Я спускаюсь по одной из множества лестниц к Темзе. В обычный день там ждали бы лодки, чуть подпрыгивая на волнах. Но сейчас часть реки покрылась льдом, и лодки ушли куда-то в другое место. Люди веселятся и скользят по льду, а расторопные торговцы уже поставили на берегу деревянный навес, где торгуют горячим вином, жареными каштанами, карамелью, засахаренными яблоками и всякими мелочами с привязанными к ним ленточками — вешать на йольские деревья. Берег выглядит куда наряднее, чем обычно, вдоль доков горят фонари, отблескивая на грубом речном льду. Слышны смех и болтовня, пахнет дымом, сахаром и пряностями.

Я расстаюсь с парой монет в обмен на чашку вина, главным образом чтобы погреть руки. Но вино сладкое и вкусное. Я согреваюсь и иду вдоль берега, поскальзываясь и уворачиваясь от детей, которые бегают вокруг. Они подначивают друг друга вылезти подальше на лед, к белому флагу, установленному в пятидесяти примерно футах от берега, туда, где прочный лед кончается.

Я останавливаюсь перед лотком, с которого торгуют бисквитами в форме звезд, сердец и цветов. Бисквиты пухлые, посыпаны цветным — желтым, красным и розовым — сахаром, по сторонам проступает джем. Стоят они по пенни за штуку, сущий грабеж. Вообще я бы могла и украсть один, но это грех, а я уже собираюсь совершить грех куда худший.

— А ты знаешь, что их вообще на деревья вешают? — слышу я голос Тоби и резко поворачиваюсь, чуть не врезаясь в него. — Ну, так задумано.
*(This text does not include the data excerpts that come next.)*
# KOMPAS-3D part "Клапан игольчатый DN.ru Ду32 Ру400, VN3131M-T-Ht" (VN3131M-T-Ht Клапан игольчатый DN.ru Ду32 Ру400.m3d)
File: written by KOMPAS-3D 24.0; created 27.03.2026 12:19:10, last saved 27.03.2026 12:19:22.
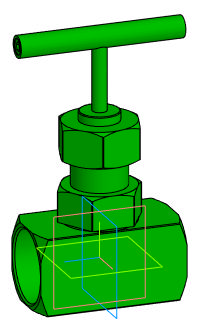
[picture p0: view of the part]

Document properties: Автор: Илья; Полное имя файла: D:\Обмен\Заказы с фриланса\DN.ru\VNxxM-T-Ht Клапан игольчатый DN.ru Ду8-50 Ру400\VN3131M-T-Ht Клапан игольчатый DN.ru Ду8-50 Ру400\DN32\VN3131M-T-Ht Клапан игольчатый DN.ru Ду32 Ру400.m3d

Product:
- Body: Body10  | qty 1
    Масса: 1.287778
- Part/product: Клапан игольчатый DN.ru Ду32 Ру400  | designation VN3131M-T-Ht
    Масса: 1
    Раздел спецификации: Прочие изделия
    Примечание: D090-02134

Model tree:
1. Body10  (labels: Body10)

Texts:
  VN3131M-T-Ht
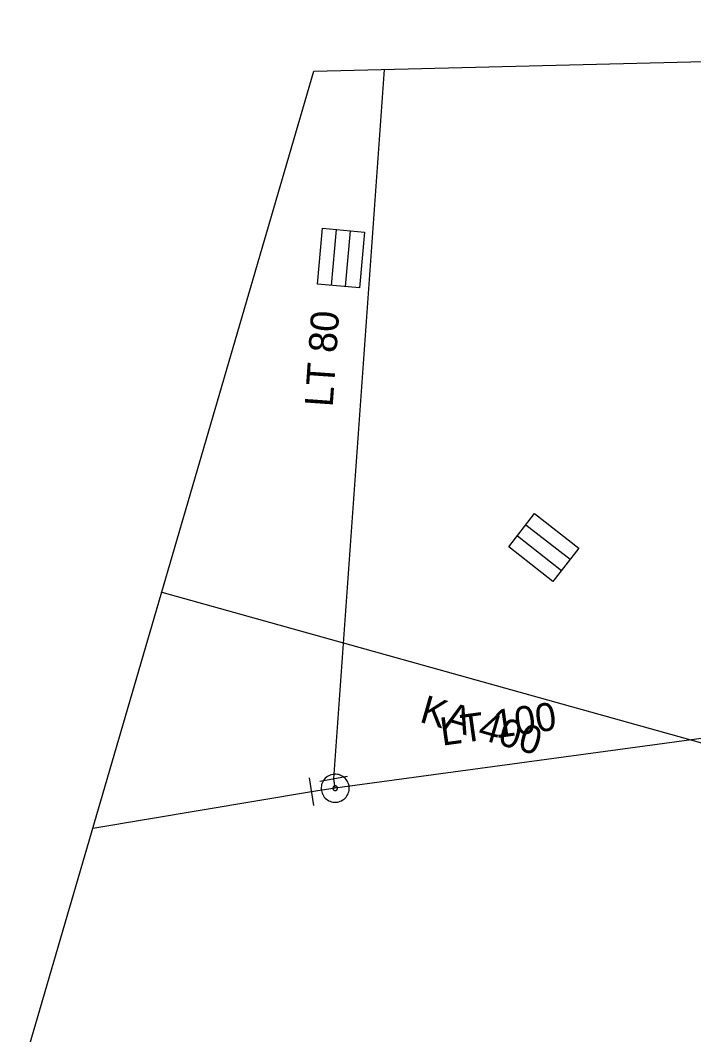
# Model space of a CAD drawing. Extents: x -725807 to -725723.1, y -978165.9 to -978101.2.
# Drawn here: x -725807.01 to -725783, y -978137.33 to -978101.16 of the extents above; entities that cross this region are included whole.
import ezdxf

# ---------------------------------------------------------------- set-up
doc = ezdxf.new("R2010")
doc.units = 0
for name, color, linetype in [('Vrstva 1', 7, 'Continuous'), ('Vrstva 14', 7, 'Continuous'), ('Vrstva 17', 7, 'Continuous'), ('Vrstva 22', 7, 'Continuous'), ('Vrstva 34', 7, 'Continuous'), ('Vrstva 47', 7, 'Continuous')]:
    doc.layers.add(name, color=color, linetype=linetype)

msp = doc.modelspace()

# ---------------------------------------------------------------- linework, layer by layer
at = {"layer": 'Vrstva 1'}
msp.add_lwpolyline([(-725807.01, -978138.838), (-725796.543, -978102.971), (-725723.134, -978101.157), (-725729.135, -978159.354), (-725758.583, -978165.913), (-725792.915, -978158.237)], close=True, dxfattribs=at)
at = {"layer": 'Vrstva 14'}
for points in [[(-725801.965, -978121.55), (-725766.42, -978131.467)], [(-725795.783, -978128.538), (-725795.835, -978128.208)], [(-725795.783, -978128.538), (-725796.63, -978128.664)]]:
    msp.add_lwpolyline(points, dxfattribs=at)
at = {"layer": 'Vrstva 17'}
for points in [[(-725795.835, -978128.208), (-725794.027, -978102.909)], [(-725772.166, -978126.454), (-725781.945, -978126.655), (-725795.783, -978128.538)], [(-725796.63, -978128.664), (-725804.422, -978129.97)]]:
    msp.add_lwpolyline(points, dxfattribs=at)
at = {"layer": 'Vrstva 22'}
for points in [[(-725796.416, -978110.564), (-725796.236, -978108.572), (-725794.742, -978108.706), (-725794.922, -978110.698), (-725796.416, -978110.564)], [(-725795.918, -978110.608), (-725795.738, -978108.616)], [(-725795.42, -978110.653), (-725795.24, -978108.661)], [(-725788.673, -978118.748), (-725787.099, -978119.983), (-725788.025, -978121.163), (-725789.599, -978119.928), (-725788.673, -978118.748)], [(-725788.982, -978119.142), (-725787.408, -978120.376)], [(-725789.29, -978119.535), (-725787.717, -978120.77)]]:
    msp.add_lwpolyline(points, dxfattribs=at)
at = {"layer": 'Vrstva 34'}
for points in [[(-725796.708, -978128.17), (-725796.552, -978129.157)], [(-725795.342, -978128.12), (-725796.327, -978128.294)]]:
    msp.add_lwpolyline(points, dxfattribs=at)
at = {"layer": 'Vrstva 47'}
for points in [[(-725795.289, -978128.46), (-725795.3, -978128.409), (-725795.316, -978128.359), (-725795.337, -978128.311), (-725795.363, -978128.266), (-725795.394, -978128.223), (-725795.429, -978128.184), (-725795.468, -978128.15), (-725795.51, -978128.119), (-725795.555, -978128.093), (-725795.603, -978128.071), (-725795.653, -978128.054), (-725795.704, -978128.044), (-725795.756, -978128.038), (-725795.808, -978128.038), (-725795.86, -978128.044), (-725795.911, -978128.055), (-725795.961, -978128.071), (-725796.01, -978128.092), (-725796.054, -978128.118), (-725796.097, -978128.149), (-725796.136, -978128.184), (-725796.171, -978128.223), (-725796.202, -978128.265), (-725796.228, -978128.31), (-725796.249, -978128.358), (-725796.266, -978128.408), (-725796.277, -978128.459), (-725796.282, -978128.511), (-725796.282, -978128.563), (-725796.276, -978128.615), (-725796.265, -978128.666), (-725796.249, -978128.716), (-725796.229, -978128.765), (-725796.202, -978128.809), (-725796.171, -978128.852), (-725796.137, -978128.891), (-725796.098, -978128.926), (-725796.056, -978128.957), (-725796.01, -978128.983), (-725795.962, -978129.004), (-725795.912, -978129.021), (-725795.862, -978129.032), (-725795.809, -978129.037), (-725795.757, -978129.037), (-725795.705, -978129.031), (-725795.654, -978129.02), (-725795.604, -978129.004), (-725795.556, -978128.984), (-725795.511, -978128.957), (-725795.468, -978128.926), (-725795.429, -978128.892), (-725795.395, -978128.853), (-725795.364, -978128.811), (-725795.338, -978128.765), (-725795.316, -978128.717), (-725795.299, -978128.667), (-725795.289, -978128.617), (-725795.283, -978128.564), (-725795.283, -978128.512), (-725795.289, -978128.46)], [(-725795.701, -978128.525), (-725795.703, -978128.516), (-725795.706, -978128.508), (-725795.709, -978128.501), (-725795.714, -978128.493), (-725795.719, -978128.486), (-725795.725, -978128.48), (-725795.731, -978128.474), (-725795.738, -978128.469), (-725795.745, -978128.465), (-725795.753, -978128.461), (-725795.762, -978128.458), (-725795.77, -978128.457), (-725795.778, -978128.456), (-725795.786, -978128.455), (-725795.795, -978128.456), (-725795.804, -978128.458), (-725795.812, -978128.461), (-725795.819, -978128.464), (-725795.827, -978128.469), (-725795.834, -978128.474), (-725795.84, -978128.48), (-725795.846, -978128.486), (-725795.851, -978128.493), (-725795.856, -978128.501), (-725795.859, -978128.508), (-725795.862, -978128.517), (-725795.863, -978128.525), (-725795.864, -978128.533), (-725795.865, -978128.541), (-725795.864, -978128.55), (-725795.862, -978128.559), (-725795.859, -978128.567), (-725795.856, -978128.574), (-725795.851, -978128.582), (-725795.846, -978128.589), (-725795.841, -978128.595), (-725795.834, -978128.601), (-725795.827, -978128.606), (-725795.819, -978128.611), (-725795.812, -978128.614), (-725795.803, -978128.617), (-725795.795, -978128.618), (-725795.787, -978128.619), (-725795.779, -978128.62), (-725795.77, -978128.619), (-725795.761, -978128.617), (-725795.753, -978128.614), (-725795.746, -978128.611), (-725795.738, -978128.606), (-725795.731, -978128.601), (-725795.725, -978128.596), (-725795.719, -978128.589), (-725795.714, -978128.582), (-725795.71, -978128.575), (-725795.706, -978128.567), (-725795.703, -978128.558), (-725795.702, -978128.55), (-725795.701, -978128.542), (-725795.7, -978128.534), (-725795.701, -978128.525)]]:
    msp.add_lwpolyline(points, dxfattribs=at)

# ---------------------------------------------------------------- texts
at = {"layer": 'Vrstva 1'}
for s, rotation, p in [('LT 80 ', 86, (-725795.875, -978114.962)), ('KA 400', 344, (-725792.813, -978126.164)), ('LT 100', 8, (-725791.97, -978127.025))]:
    msp.add_text(s, height=1, rotation=rotation, dxfattribs=at).set_placement(p)

doc.saveas('drawing.dxf')
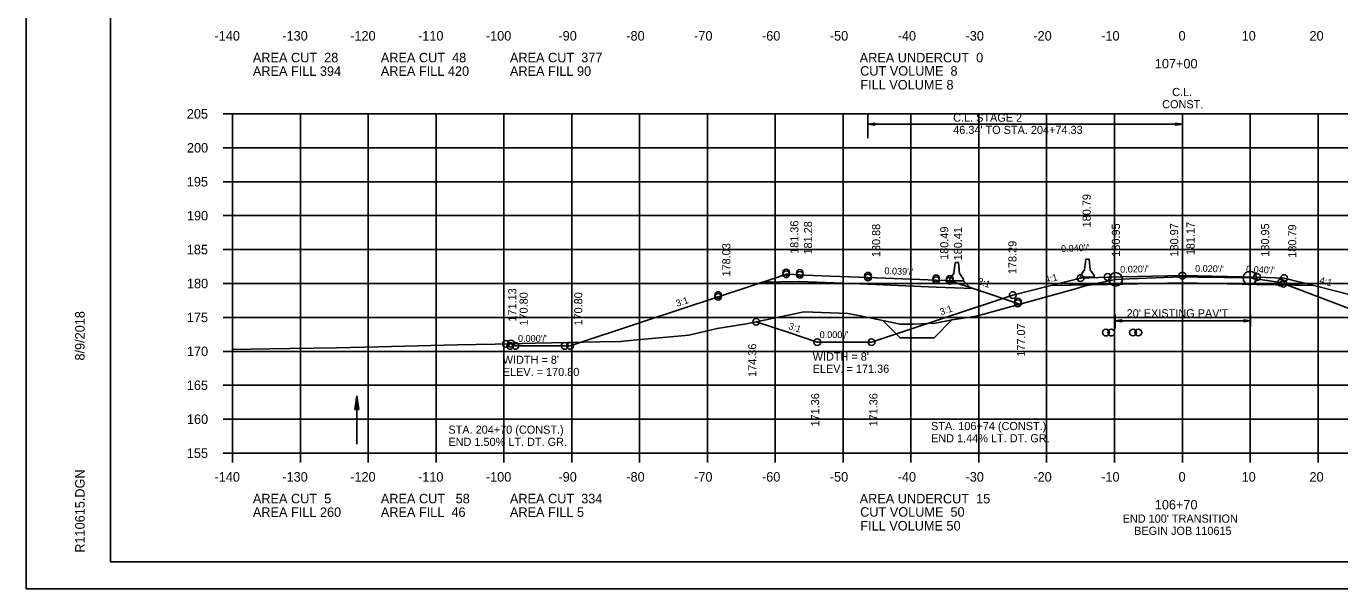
# Model space of a CAD drawing. Extents: x 1372132 to 1372465, y 380083 to 381790.
# Drawn here: x 1372131.6 to 1372325.2, y 380723.5 to 380806.4 of the extents above; entities that cross this region are included whole.
import ezdxf

# ---------------------------------------------------------------- set-up
doc = ezdxf.new("R2010")
doc.units = 0
for name, color, linetype in [('R_Alt Surface', 7, 'Continuous'), ('R_Axis', 7, 'Continuous'), ('R_Axis Annot', 7, 'Continuous'), ('R_Border', 7, 'Continuous'), ('R_Dimension', 7, 'Continuous'), ('R_Draft', 7, 'Continuous'), ('R_Erosion', 7, 'Continuous'), ('R_Exist Surface', 7, 'Continuous'), ('R_Fin Surface', 7, 'Continuous'), ('R_Grid', 7, 'Continuous'), ('R_No Plot', 7, 'Continuous'), ('R_Xsect Elev', 7, 'Continuous'), ('R_Xsect Slope', 7, 'Continuous')]:
    doc.layers.add(name, color=color, linetype=linetype)

msp = doc.modelspace()

# ---------------------------------------------------------------- linework, layer by layer
at = {"layer": 'R_Alt Surface'}
for points in [[(1372271.13, 380767.76), (1372265.72, 380767.97), (1372255.67, 380768.37), (1372245.63, 380768.76), (1372240.04, 380768.66)], [(1372321.38, 380768.19), (1372313.01, 380768.36), (1372302.01, 380768.58), (1372291.01, 380768.36), (1372282.65, 380768.19)]]:
    msp.add_lwpolyline(points, dxfattribs=at)
at = {"layer": 'R_Axis'}
for p, q in [((1372160.61, 380793.49), (1372162.01, 380793.49)), ((1372162.01, 380743.49), (1372162.01, 380793.49)), ((1372160.61, 380788.49), (1372162.01, 380788.49)), ((1372160.61, 380783.49), (1372162.01, 380783.49)), ((1372160.61, 380778.49), (1372162.01, 380778.49)), ((1372160.61, 380773.49), (1372162.01, 380773.49)), ((1372160.61, 380768.49), (1372162.01, 380768.49)), ((1372160.61, 380763.49), (1372162.01, 380763.49)), ((1372160.61, 380758.49), (1372162.01, 380758.49)), ((1372160.61, 380753.49), (1372162.01, 380753.49)), ((1372160.61, 380748.49), (1372162.01, 380748.49)), ((1372160.61, 380743.49), (1372162.01, 380743.49)), ((1372162.01, 380743.49), (1372442.01, 380743.49)), ((1372162.01, 380742.09), (1372162.01, 380743.49)), ((1372172.01, 380742.09), (1372172.01, 380743.49)), ((1372182.01, 380742.09), (1372182.01, 380743.49)), ((1372192.01, 380742.09), (1372192.01, 380743.49)), ((1372202.01, 380742.09), (1372202.01, 380743.49)), ((1372212.01, 380742.09), (1372212.01, 380743.49)), ((1372222.01, 380742.09), (1372222.01, 380743.49)), ((1372232.01, 380742.09), (1372232.01, 380743.49)), ((1372242.01, 380742.09), (1372242.01, 380743.49)), ((1372252.01, 380742.09), (1372252.01, 380743.49)), ((1372262.01, 380742.09), (1372262.01, 380743.49)), ((1372272.01, 380742.09), (1372272.01, 380743.49)), ((1372282.01, 380742.09), (1372282.01, 380743.49)), ((1372292.01, 380742.09), (1372292.01, 380743.49)), ((1372302.01, 380742.09), (1372302.01, 380743.49)), ((1372312.01, 380742.09), (1372312.01, 380743.49)), ((1372322.01, 380742.09), (1372322.01, 380743.49))]:
    msp.add_line(p, q, dxfattribs=at)
at = {"layer": 'R_Border'}
for p, q in [((1372144.01, 380727.49), (1372144.01, 380932.95)), ((1372144.01, 380727.49), (1372144.01, 380727.49)), ((1372460.19, 380727.49), (1372144.01, 380727.49))]:
    msp.add_line(p, q, dxfattribs=at)
at = {"layer": 'R_Dimension'}
for p, q in [((1372180.02, 380749.93), (1372180.32, 380751.93)), ((1372180.02, 380749.93), (1372180.32, 380751.93)), ((1372180.62, 380749.93), (1372180.32, 380751.93)), ((1372180.62, 380749.93), (1372180.32, 380751.93)), ((1372180.07, 380749.93), (1372180.32, 380751.6)), ((1372180.07, 380749.93), (1372180.32, 380751.6)), ((1372180.12, 380749.93), (1372180.32, 380751.25)), ((1372180.12, 380749.93), (1372180.32, 380751.25)), ((1372180.17, 380749.93), (1372180.32, 380750.92)), ((1372180.17, 380749.93), (1372180.32, 380750.92)), ((1372180.23, 380749.93), (1372180.32, 380750.58)), ((1372180.23, 380749.93), (1372180.32, 380750.58)), ((1372180.28, 380749.93), (1372180.32, 380750.25)), ((1372180.28, 380749.93), (1372180.32, 380750.25)), ((1372180.57, 380749.93), (1372180.32, 380751.6)), ((1372180.57, 380749.93), (1372180.32, 380751.6)), ((1372180.52, 380749.93), (1372180.32, 380751.25)), ((1372180.52, 380749.93), (1372180.32, 380751.25)), ((1372180.47, 380749.93), (1372180.32, 380750.92)), ((1372180.47, 380749.93), (1372180.32, 380750.92)), ((1372180.42, 380749.93), (1372180.32, 380750.58)), ((1372180.42, 380749.93), (1372180.32, 380750.58)), ((1372180.37, 380749.93), (1372180.32, 380750.25)), ((1372180.37, 380749.93), (1372180.32, 380750.25)), ((1372180.02, 380749.93), (1372180.62, 380749.93)), ((1372180.02, 380749.93), (1372180.62, 380749.93))]:
    msp.add_line(p, q, dxfattribs=at)
at = {"layer": 'R_Draft'}
for p, q in [((1372255.67, 380789.89), (1372255.67, 380793.49)), ((1372302.01, 380793.49), (1372302.01, 380789.89)), ((1372256.67, 380792.13), (1372255.67, 380791.98)), ((1372256.67, 380792.13), (1372255.67, 380791.98)), ((1372255.67, 380791.98), (1372302.01, 380791.98)), ((1372256.67, 380791.83), (1372255.67, 380791.98)), ((1372256.67, 380791.83), (1372255.67, 380791.98)), ((1372256.67, 380792.1), (1372255.84, 380791.98)), ((1372256.67, 380792.1), (1372255.84, 380791.98)), ((1372256.67, 380791.85), (1372255.84, 380791.98)), ((1372256.67, 380791.85), (1372255.84, 380791.98)), ((1372256.67, 380792.08), (1372256.01, 380791.98)), ((1372256.67, 380792.08), (1372256.01, 380791.98)), ((1372256.67, 380791.88), (1372256.01, 380791.98)), ((1372256.67, 380791.88), (1372256.01, 380791.98)), ((1372256.67, 380792.05), (1372256.18, 380791.98)), ((1372256.67, 380792.05), (1372256.18, 380791.98)), ((1372256.67, 380791.9), (1372256.18, 380791.98)), ((1372256.67, 380791.9), (1372256.18, 380791.98)), ((1372256.67, 380792.02), (1372256.35, 380791.98)), ((1372256.67, 380792.02), (1372256.35, 380791.98)), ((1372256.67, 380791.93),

Для украшения. Но вообще не знаю. Ими любуются или едят? Или и то, и другое? Представляешь, приходишь в дом, говоришь, что у них красивое рождественское дерево, и объедаешь его. Странный обычай. Ужин и так можно найти.

Он стоит совсем рядом, на плечах у него лежит снег, щеки горят. Я так удивлена его появлением, что не нахожусь с ответом. Он лезет за пазуху и достает мою шапку.

— Хотел раньше отдать, но ты убежал.

— И как ты меня нашел?

— Повезло, наверное. Пришел сюда выпить горячего вина и посмотреть, не провалятся ли детишки под лед. — Теперь я замечаю, что в руках у него тоже чашка. Он осторожно чокается со мной и поворачивается к реке. — Я ничего не пропустил?

— Размечтался! Не надо бы. Я однажды слышал про один залив в Кор… в Плимуте. Как-то зимой он замерз, мальчишки провалились под лед и не выбрались. Умерли, конечно. Их тела так и не нашли.

Он поворачивается ко мне.

— А дальше?

— А теперь там водятся привидения. Мертвую рыбу выносит на берег, вода всегда ледяная, даже летом, а лодки, которые подходят слишком близко к берегу, опрокидываются. Говорят, что мальчики мстят тем, кто не сумел их спасти.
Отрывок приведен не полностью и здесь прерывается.